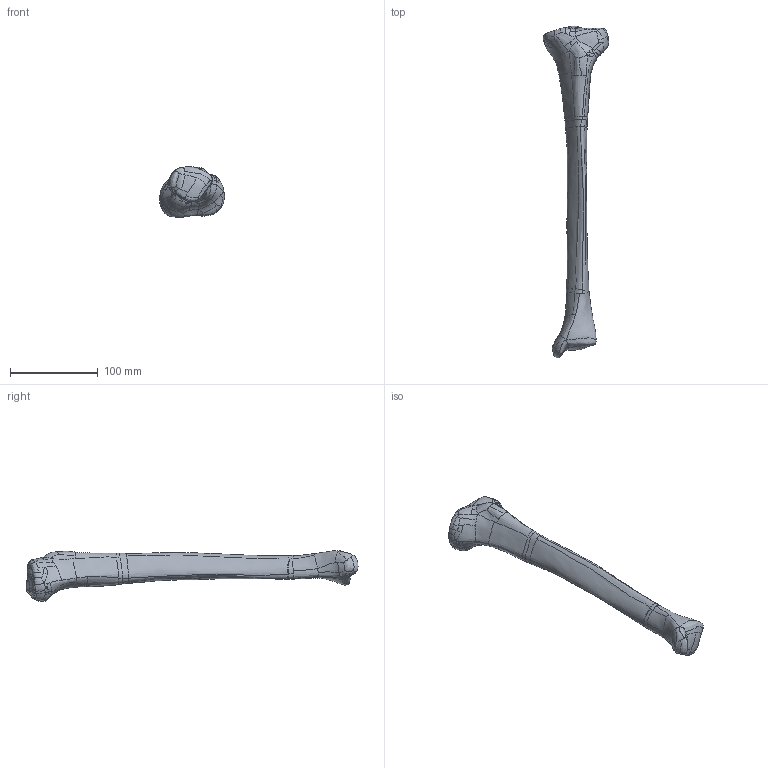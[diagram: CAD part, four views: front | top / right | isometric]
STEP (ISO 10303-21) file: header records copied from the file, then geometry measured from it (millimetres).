
FILE_DESCRIPTION (( 'STEP AP203' ), '1' );
FILE_NAME ('1117-131.STEP', '2025-05-26T19:20:50', ( '' ), ( '' ), 'SwSTEP 2.0', 'SolidWorks 2024', '' );
FILE_SCHEMA (( 'CONFIG_CONTROL_DESIGN' ));
Products named in the file (1): 1117-131
Bounding box: 74.22 x 377.95 x 57.87 mm (x, y, z)
Volume: 296489.2 mm3; surface area: 41987.8 mm2
Topology: 1 solids, 1 shells, 392 faces, 1033 edges, 657 vertices
Faces by surface type: bspline 389, plane 3
Entity records: 95288 total; most frequent: CARTESIAN_POINT 88810, ORIENTED_EDGE 2066, EDGE_CURVE 1033, B_SPLINE_CURVE_WITH_KNOTS 1033, VERTEX_POINT 657, EDGE_LOOP 406, ADVANCED_FACE 392, FACE_OUTER_BOUND 392

PROBLEM DESCRIPTION: Your copy should match the listing exactly, apart from the pictures it leaves out.

EXERCISE OUTPUT:
[diagram: CAD part, four views: front | top / right | isometric]
STEP (ISO 10303-21) file: header records copied from the file, then geometry measured from it (millimetres).
FILE_DESCRIPTION (( 'STEP AP203' ), '1' );
FILE_NAME ('1117-131.STEP', '2025-05-26T19:20:50', ( '' ), ( '' ), 'SwSTEP 2.0', 'SolidWorks 2024', '' );
FILE_SCHEMA (( 'CONFIG_CONTROL_DESIGN' ));
Products named in the file (1): 1117-131
Bounding box: 74.22 x 377.95 x 57.87 mm (x, y, z)
Volume: 296489.2 mm3; surface area: 41987.8 mm2
Topology: 1 solids, 1 shells, 392 faces, 1033 edges, 657 vertices
Faces by surface type: bspline 389, plane 3
Entity records: 95288 total; most frequent: CARTESIAN_POINT 88810, ORIENTED_EDGE 2066, EDGE_CURVE 1033, B_SPLINE_CURVE_WITH_KNOTS 1033, VERTEX_POINT 657, EDGE_LOOP 406, ADVANCED_FACE 392, FACE_OUTER_BOUND 392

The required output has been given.